▼
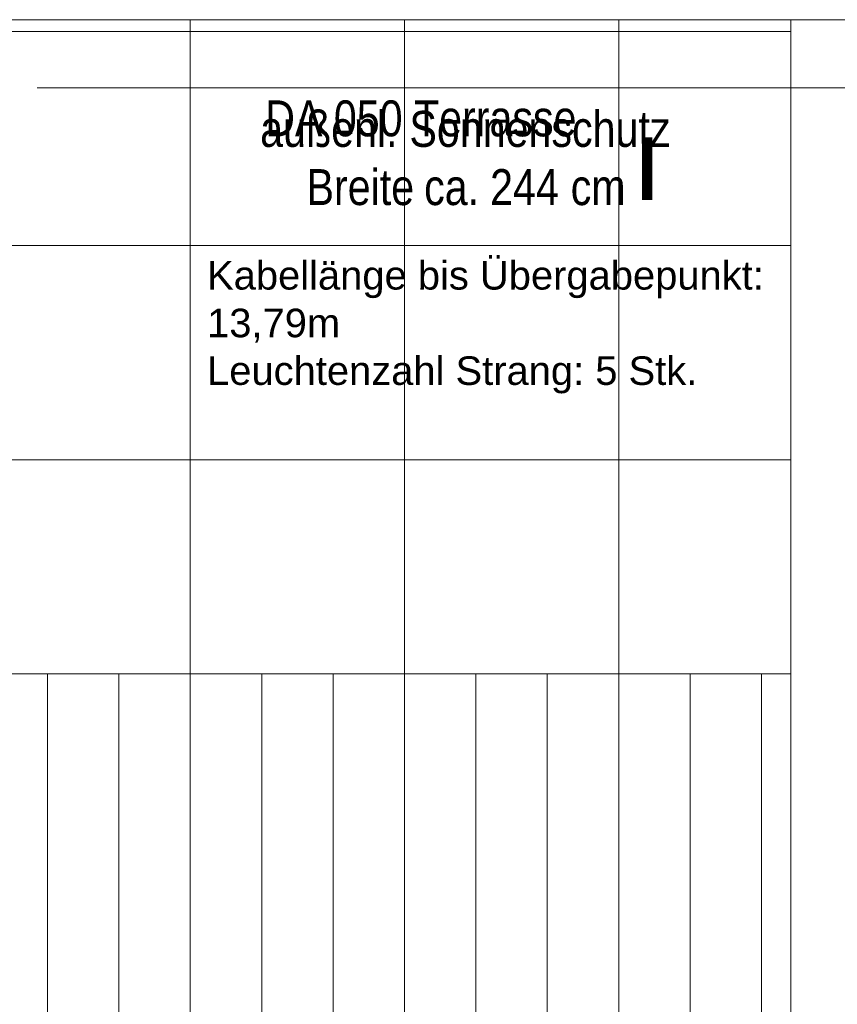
# Model space of a CAD drawing. Extents: x -620 to 300, y 62 to 1112.
# Tile 123 of 235: x -16 to 30, y 317 to 373. Entities that reach past the tile are written whole.
import ezdxf

# ---------------------------------------------------------------- set-up
doc = ezdxf.new("R2010")
doc.units = 0
doc.layers.get('0').update_dxf_attribs({"lineweight": 13})
doc.layers.add('00_E_ST_Handlaufleuchte_Kabel_Text', color=7, linetype='Continuous', lineweight=13)
doc.layers.add('70 -72 Beschriftung- 5 Höhenkoten-A06CPVE2L0', color=7, linetype='Continuous', lineweight=15)
for name, color, linetype, lineweight, true_color in [('30 -33 Aussenwände- 7 Fassade_ Elemente', 7, 'Continuous', 9, 0x00aacc), ('60- 61 allgemeine Ausstattung- 4 Terrassen', 9, 'Continuous', 9, 0x808080), ('70 -72 Beschriftung- 1 Beschriftung allgemein', 7, 'Continuous', 9, 0xff6633)]:
    doc.layers.add(name, color=color, linetype=linetype, lineweight=lineweight, true_color=true_color)
doc.styles.get("Standard").update_dxf_attribs({"font": 'ARIALN.TTF'})

# ---------------------------------------------------------------- blocks, each defined once
blk = doc.blocks.new('Referenz-A06CPVE6L0')
at = {"layer": '30 -33 Aussenwände- 7 Fassade_ Elemente', "color": 0, "linetype": 'Continuous', "ltscale": 0.13}
for p, q in [((38.021, 372.513), (-124.179, 372.513)), ((27.481, 372.513), (31.621, 372.513)), ((27.481, 264.653), (27.481, 372.513))]:
    blk.add_line(p, q, dxfattribs=at)
at = {"layer": '60- 61 allgemeine Ausstattung- 4 Terrassen', "color": 0}
for p, q in [((-6.166, 372.513), (-6.166, 335.853)), ((5.834, 372.513), (5.834, 335.853)), ((17.834, 372.513), (17.834, 335.853)), ((27.481, 371.853), (-286.144, 371.853)), ((27.481, 359.853), (-286.144, 359.853)), ((27.481, 347.853), (-286.144, 347.853)), ((-138.166, 335.853), (27.481, 335.853)), ((-14.166, 264.653), (-14.166, 335.853)), ((-10.166, 264.653), (-10.166, 335.853)), ((-6.166, 264.653), (-6.166, 335.853)), ((-2.166, 264.653), (-2.166, 335.853)), ((1.834, 264.653), (1.834, 335.853)), ((5.834, 264.653), (5.834, 335.853)), ((9.834, 264.653), (9.834, 335.853)), ((13.834, 264.653), (13.834, 335.853)), ((17.834, 264.653), (17.834, 335.853)), ((21.834, 264.653), (21.834, 335.853)), ((25.834, 264.653), (25.834, 335.853)), ((27.481, 335.853), (27.481, 264.653))]:
    blk.add_line(p, q, dxfattribs=at)
at = {"layer": '70 -72 Beschriftung- 1 Beschriftung allgemein', "color": 0, "linetype": 'Continuous', "ltscale": 0.13}
blk.add_line((-14.741, 368.7), (32.259, 368.7), dxfattribs=at)
at = {"layer": '70 -72 Beschriftung- 1 Beschriftung allgemein', "color": 0, "linetype": 'Continuous', "ltscale": 0.13, "char_height": 2.01377, "attachment_point": 1}
for s, insert in [('{\\fArial Narrow;außenl.}', (-2.249, 367.4)), ('{\\fArial Narrow;Sonnenschutz}', (6.111, 367.4)), ('{\\fArial Narrow;Breite}', (0.348, 364.138)), ('{\\fArial Narrow;ca.}', (6.934, 364.138)), ('{\\fArial Narrow;244}', (10.629, 364.138)), ('{\\fArial Narrow;cm}', (15.144, 364.138))]:
    blk.add_mtext(s, dxfattribs=dict(at, insert=insert))
at = {"layer": '70 -72 Beschriftung- 1 Beschriftung allgemein', "color": 0, "linetype": 'Continuous', "ltscale": 0.13, "insert": (18.866, 365.924), "char_height": 3.5241, "attachment_point": 1, "rotation": 0}
blk.add_mtext('{\\fArial Narrow|b1|i0;I}', dxfattribs=at)
at = {"layer": '70 -72 Beschriftung- 5 Höhenkoten-A06CPVE2L0', "color": 0, "linetype": 'Continuous', "ltscale": 0.15, "insert": (-1.967, 367.99), "char_height": 2.01377, "attachment_point": 1}
blk.add_mtext('{\\fArial Narrow;DA 050 Terrasse}', dxfattribs=at)

msp = doc.modelspace()

# ---------------------------------------------------------------- block references
at = {"color": 8, "lineweight": 13, "ltscale": 0.13, "true_color": 0x808080}
msp.add_blockref('Referenz-A06CPVE6L0', (0, 0), dxfattribs=at)

# ---------------------------------------------------------------- texts
at = {"layer": '00_E_ST_Handlaufleuchte_Kabel_Text', "ltscale": 0.13, "char_height": 1.6, "attachment_point": 1}
for s, insert in [('{\\fArial;Kabellänge bis Übergabepunkt:}', (-5.224, 358.988)), ('{\\fArial;13,79m}', (-5.224, 356.316)), ('{\\fArial;Leuchtenzahl Strang: 5 Stk.}', (-5.224, 353.644))]:
    msp.add_mtext(s, dxfattribs=dict(at, insert=insert))

doc.saveas('drawing.dxf')
▲
▶ [Work required]
Please transcribe every entry above exactly, leaving out any pictures.

▶ [Response box]
# Model space of a CAD drawing. Extents: x -620 to 300, y 62 to 1112.
# Tile 123 of 235: x -16 to 30, y 317 to 373. Entities that reach past the tile are written whole.
import ezdxf

# ---------------------------------------------------------------- set-up
doc = ezdxf.new("R2010")
doc.units = 0
doc.layers.get('0').update_dxf_attribs({"lineweight": 13})
doc.layers.add('00_E_ST_Handlaufleuchte_Kabel_Text', color=7, linetype='Continuous', lineweight=13)
doc.layers.add('70 -72 Beschriftung- 5 Höhenkoten-A06CPVE2L0', color=7, linetype='Continuous', lineweight=15)
for name, color, linetype, lineweight, true_color in [('30 -33 Aussenwände- 7 Fassade_ Elemente', 7, 'Continuous', 9, 0x00aacc), ('60- 61 allgemeine Ausstattung- 4 Terrassen', 9, 'Continuous', 9, 0x808080), ('70 -72 Beschriftung- 1 Beschriftung allgemein', 7, 'Continuous', 9, 0xff6633)]:
    doc.layers.add(name, color=color, linetype=linetype, lineweight=lineweight, true_color=true_color)
doc.styles.get("Standard").update_dxf_attribs({"font": 'ARIALN.TTF'})

# ---------------------------------------------------------------- blocks, each defined once
blk = doc.blocks.new('Referenz-A06CPVE6L0')
at = {"layer": '30 -33 Aussenwände- 7 Fassade_ Elemente', "color": 0, "linetype": 'Continuous', "ltscale": 0.13}
for p, q in [((38.021, 372.513), (-124.179, 372.513)), ((27.481, 372.513), (31.621, 372.513)), ((27.481, 264.653), (27.481, 372.513))]:
    blk.add_line(p, q, dxfattribs=at)
at = {"layer": '60- 61 allgemeine Ausstattung- 4 Terrassen', "color": 0}
for p, q in [((-6.166, 372.513), (-6.166, 335.853)), ((5.834, 372.513), (5.834, 335.853)), ((17.834, 372.513), (17.834, 335.853)), ((27.481, 371.853), (-286.144, 371.853)), ((27.481, 359.853), (-286.144, 359.853)), ((27.481, 347.853), (-286.144, 347.853)), ((-138.166, 335.853), (27.481, 335.853)), ((-14.166, 264.653), (-14.166, 335.853)), ((-10.166, 264.653), (-10.166, 335.853)), ((-6.166, 264.653), (-6.166, 335.853)), ((-2.166, 264.653), (-2.166, 335.853)), ((1.834, 264.653), (1.834, 335.853)), ((5.834, 264.653), (5.834, 335.853)), ((9.834, 264.653), (9.834, 335.853)), ((13.834, 264.653), (13.834, 335.853)), ((17.834, 264.653), (17.834, 335.853)), ((21.834, 264.653), (21.834, 335.853)), ((25.834, 264.653), (25.834, 335.853)), ((27.481, 335.853), (27.481, 264.653))]:
    blk.add_line(p, q, dxfattribs=at)
at = {"layer": '70 -72 Beschriftung- 1 Beschriftung allgemein', "color": 0, "linetype": 'Continuous', "ltscale": 0.13}
blk.add_line((-14.741, 368.7), (32.259, 368.7), dxfattribs=at)
at = {"layer": '70 -72 Beschriftung- 1 Beschriftung allgemein', "color": 0, "linetype": 'Continuous', "ltscale": 0.13, "char_height": 2.01377, "attachment_point": 1}
for s, insert in [('{\\fArial Narrow;außenl.}', (-2.249, 367.4)), ('{\\fArial Narrow;Sonnenschutz}', (6.111, 367.4)), ('{\\fArial Narrow;Breite}', (0.348, 364.138)), ('{\\fArial Narrow;ca.}', (6.934, 364.138)), ('{\\fArial Narrow;244}', (10.629, 364.138)), ('{\\fArial Narrow;cm}', (15.144, 364.138))]:
    blk.add_mtext(s, dxfattribs=dict(at, insert=insert))
at = {"layer": '70 -72 Beschriftung- 1 Beschriftung allgemein', "color": 0, "linetype": 'Continuous', "ltscale": 0.13, "insert": (18.866, 365.924), "char_height": 3.5241, "attachment_point": 1, "rotation": 0}
blk.add_mtext('{\\fArial Narrow|b1|i0;I}', dxfattribs=at)
at = {"layer": '70 -72 Beschriftung- 5 Höhenkoten-A06CPVE2L0', "color": 0, "linetype": 'Continuous', "ltscale": 0.15, "insert": (-1.967, 367.99), "char_height": 2.01377, "attachment_point": 1}
blk.add_mtext('{\\fArial Narrow;DA 050 Terrasse}', dxfattribs=at)

msp = doc.modelspace()

# ---------------------------------------------------------------- block references
at = {"color": 8, "lineweight": 13, "ltscale": 0.13, "true_color": 0x808080}
msp.add_blockref('Referenz-A06CPVE6L0', (0, 0), dxfattribs=at)

# ---------------------------------------------------------------- texts
at = {"layer": '00_E_ST_Handlaufleuchte_Kabel_Text', "ltscale": 0.13, "char_height": 1.6, "attachment_point": 1}
for s, insert in [('{\\fArial;Kabellänge bis Übergabepunkt:}', (-5.224, 358.988)), ('{\\fArial;13,79m}', (-5.224, 356.316)), ('{\\fArial;Leuchtenzahl Strang: 5 Stk.}', (-5.224, 353.644))]:
    msp.add_mtext(s, dxfattribs=dict(at, insert=insert))

doc.saveas('drawing.dxf')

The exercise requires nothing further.